First pin was Monday second will be tomorrow and then back to Monday. Yea I thought 23 might be a little much but I have a whole bunch left over from when I ordered to recon my peptides. I might pick up some 25s


----------



## Tren4Life (May 13, 2015)

Quads are a big muscle so you don't have to pin in the exact same spot over and over. Move the pin up and down your leg. Hell I pinned quads only for 2 years.


----------



## Beefcake (May 13, 2015)

Hate pinning quads, too many veins and nerves.  Glutes are the best IMO.


----------



## wabbitt (May 13, 2015)

www.spotinjections.com  If that isn't allowed, please remove it, but it's one of the handiest guides on the net.  If it's virgin muscle, there's bound to be a little pain.  Long esters, I rotate glutes and quads.  Short esters, I rotate glutes, quads, calves, and delts.  Personally, I love calves and never had an issue.  I've pinned everywhere except lats.  Probably would have tried that as well, if I could have reached.  I don't feel the need or desire to stick my pecs, traps, bis, or tris ever again, but it's nice to know I could if I wanted to.


----------



## transcend2007 (May 13, 2015)

I rotate quad ~ VG (ventro-glutes ~ muscle near hip - my fav injections site because it's much easier to reach than glutes).  If you are not pinning VG's look up SAD's video and incorporate it.


----------



## transcend2007 (May 13, 2015)

P.S.  I've used 23 gauge for all my pins for 4 years (hundreds of pins).  Much easier to push oil thru IMO.  If it hurts too much you can also reach for the Vag-a-cream....


----------



## snake (May 13, 2015)

Pin shortly AFTER your leg. If you're training your legs right, you should be limping the next day anyway.


----------



## Uncle manny (May 14, 2015)

Nice link that definitely helps... I guess I'll stick with the 23gauge I have plenty thanks for the help fellas


----------



## Maintenance Man (May 14, 2015)

Quads 25ga 1" needle 

Glutes 23ga 1" needle.
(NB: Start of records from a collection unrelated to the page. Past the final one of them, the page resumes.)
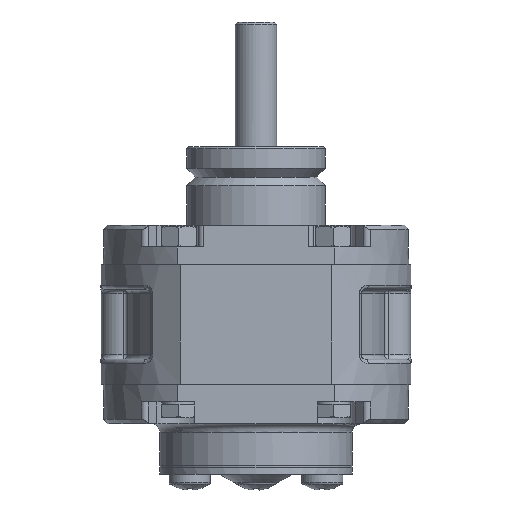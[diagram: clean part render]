
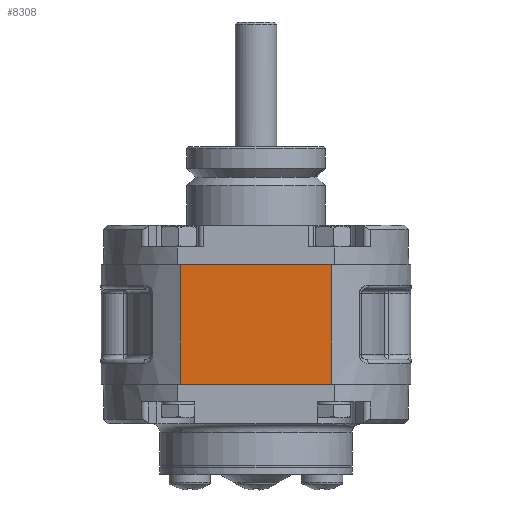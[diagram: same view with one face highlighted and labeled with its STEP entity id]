
A CAD part, front view. The second image highlights one B-rep face of the part: STEP entity #8308.
In plain terms, the highlighted planar face has unit normal (0, -1, 0).
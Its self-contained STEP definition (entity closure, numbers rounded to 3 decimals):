
#639 = EDGE_CURVE ( 'NONE', #8953, #7733, #16180, .T. ) ;
#1055 = CARTESIAN_POINT ( 'NONE',  ( 17.299, -31., 13.68 ) ) ;
#2830 = CARTESIAN_POINT ( 'NONE',  ( 17.299, -31., 13.68 ) ) ;
#3910 = CARTESIAN_POINT ( 'NONE',  ( -17.299, -31., 13.68 ) ) ;
#4820 = AXIS2_PLACEMENT_3D ( 'NONE', #19938, #18366, #8835 ) ;
#5155 = ORIENTED_EDGE ( 'NONE', *, *, #639, .F. ) ;
#5187 = DIRECTION ( 'NONE',  ( 1., 0., 0. ) ) ;
#6041 = DIRECTION ( 'NONE',  ( 0., 0., 1. ) ) ;
#6808 = VECTOR ( 'NONE', #5187, 1000. ) ;
#7733 = VERTEX_POINT ( 'NONE', #2830 ) ;
#8308 = ADVANCED_FACE ( 'NONE', ( #8739 ), #14944, .F. ) ;
#8583 = VECTOR ( 'NONE', #6041, 1000. ) ;
#8739 = FACE_OUTER_BOUND ( 'NONE', #11699, .T. ) ;
#8835 = DIRECTION ( 'NONE',  ( 0., 0., 1. ) ) ;
#8953 = VERTEX_POINT ( 'NONE', #3910 ) ;
#9759 = ORIENTED_EDGE ( 'NONE', *, *, #11790, .F. ) ;
#10272 = ORIENTED_EDGE ( 'NONE', *, *, #19113, .F. ) ;
#10388 = CARTESIAN_POINT ( 'NONE',  ( -17.299, -31., -13.68 ) ) ;
#10399 = VECTOR ( 'NONE', #16971, 1000. ) ;
#10972 = CARTESIAN_POINT ( 'NONE',  ( 17.299, -31., -13.68 ) ) ;
#11214 = ORIENTED_EDGE ( 'NONE', *, *, #14301, .F. ) ;
#11699 = EDGE_LOOP ( 'NONE', ( #11214, #9759, #5155, #10272 ) ) ;
#11790 = EDGE_CURVE ( 'NONE', #7733, #14692, #16722, .T. ) ;
#12048 = CARTESIAN_POINT ( 'NONE',  ( -17.299, -31., 56.32 ) ) ;
#12144 = DIRECTION ( 'NONE',  ( 0., 0., -1. ) ) ;
#14073 = CARTESIAN_POINT ( 'NONE',  ( 17.299, -31., -13.68 ) ) ;
#14301 = EDGE_CURVE ( 'NONE', #14692, #17578, #15606, .T. ) ;
#14692 = VERTEX_POINT ( 'NONE', #14073 ) ;
#14821 = CARTESIAN_POINT ( 'NONE',  ( 0., -31., 13.68 ) ) ;
#14944 = PLANE ( 'NONE',  #4820 ) ;
#15606 = LINE ( 'NONE', #10972, #10399 ) ;
#16180 = LINE ( 'NONE', #14821, #6808 ) ;
#16722 = LINE ( 'NONE', #1055, #17168 ) ;
#16971 = DIRECTION ( 'NONE',  ( -1., 0., 0. ) ) ;
#17168 = VECTOR ( 'NONE', #12144, 1000. ) ;
#17578 = VERTEX_POINT ( 'NONE', #10388 ) ;
#18366 = DIRECTION ( 'NONE',  ( 0., 1., 0. ) ) ;
#19113 = EDGE_CURVE ( 'NONE', #17578, #8953, #19563, .T. ) ;
#19563 = LINE ( 'NONE', #12048, #8583 ) ;
#19938 = CARTESIAN_POINT ( 'NONE',  ( 17.299, -31., 56.32 ) ) ;
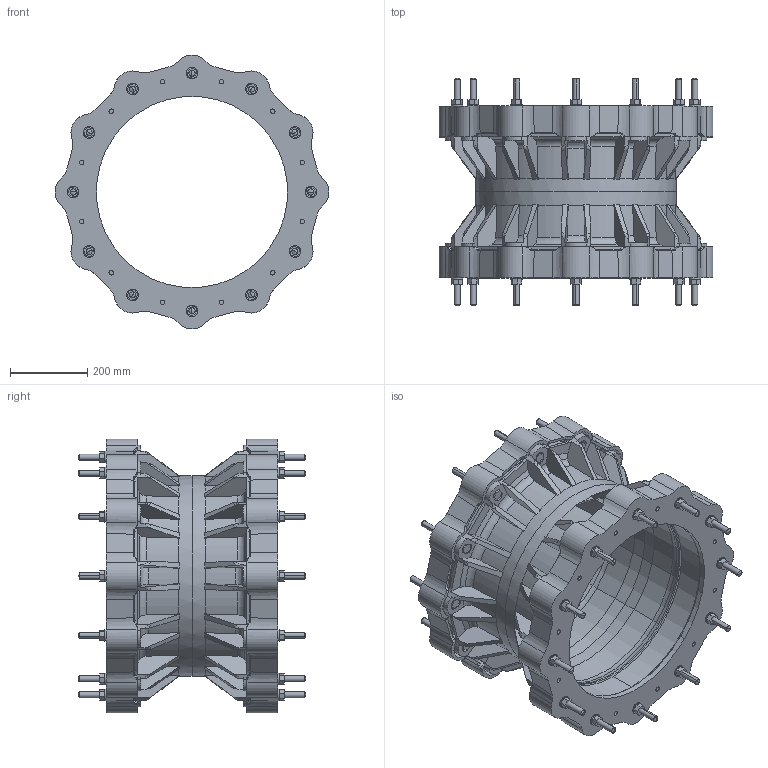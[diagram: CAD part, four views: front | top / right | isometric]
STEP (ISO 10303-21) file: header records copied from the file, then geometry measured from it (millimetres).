
FILE_DESCRIPTION((''),'2;1');
FILE_NAME('BIM_13198_16_ASM','2020-07-01T',('MReader'),(''),'CREO PARAMETRIC BY PTC INC, 2016130','CREO PARAMETRIC BY PTC INC, 2016130','');
FILE_SCHEMA(('CONFIG_CONTROL_DESIGN'));
Length unit declared in the file: millimetre
Products named in the file (4): BIM_13445; 448-492_GASKET_BIM; BIM_13417_1; BIM_13198_16_ASM
Assembly tree (5 placements, depth 2):
  BIM_13198_16_ASM
    BIM_13445
    448-492_GASKET_BIM  x2
    BIM_13417_1  x2
Bounding box: 710 x 589 x 710 mm (x, y, z)
Volume: 23345255.9 mm3; surface area: 4104199.2 mm2
Topology: 5 solids, 5 shells, 1928 faces, 5288 edges, 3468 vertices
Faces by surface type: plane 948, cylinder 564, cone 160, bspline 144, torus 64, sphere 48
Entity records: 53672 total; most frequent: CARTESIAN_POINT 17652, ORIENTED_EDGE 8012, DIRECTION 6830, EDGE_CURVE 4006, VERTEX_POINT 2650, AXIS2_PLACEMENT_3D 2556, VECTOR 1718, LINE 1718

Could go for 1.5" tho

Delts 25ga 1" needle

Pecs 25 ga 1" needle

Bis 29ga slin pin

Traps 29ga slin pin

When cruising I use a slin pin everywhere as the volume isn't that much at all


----------



## wabbitt (May 14, 2015)

Maintenance Man said:


> Quads 25ga 1" needle
> 
> Glutes 23ga 1" needle. Could go for 1.5" tho
> 
> ...



Nice little guide.  I use 23 1.5s on glutes and 25 1s everywhere else.  Never even considered slin pins.  Definitely need to pick some up now.


----------



## Paolos (May 14, 2015)

StoliFTW said:


> Quads, delts , glutes..
> 
> Test e 2 x week you'll be fine with four sites..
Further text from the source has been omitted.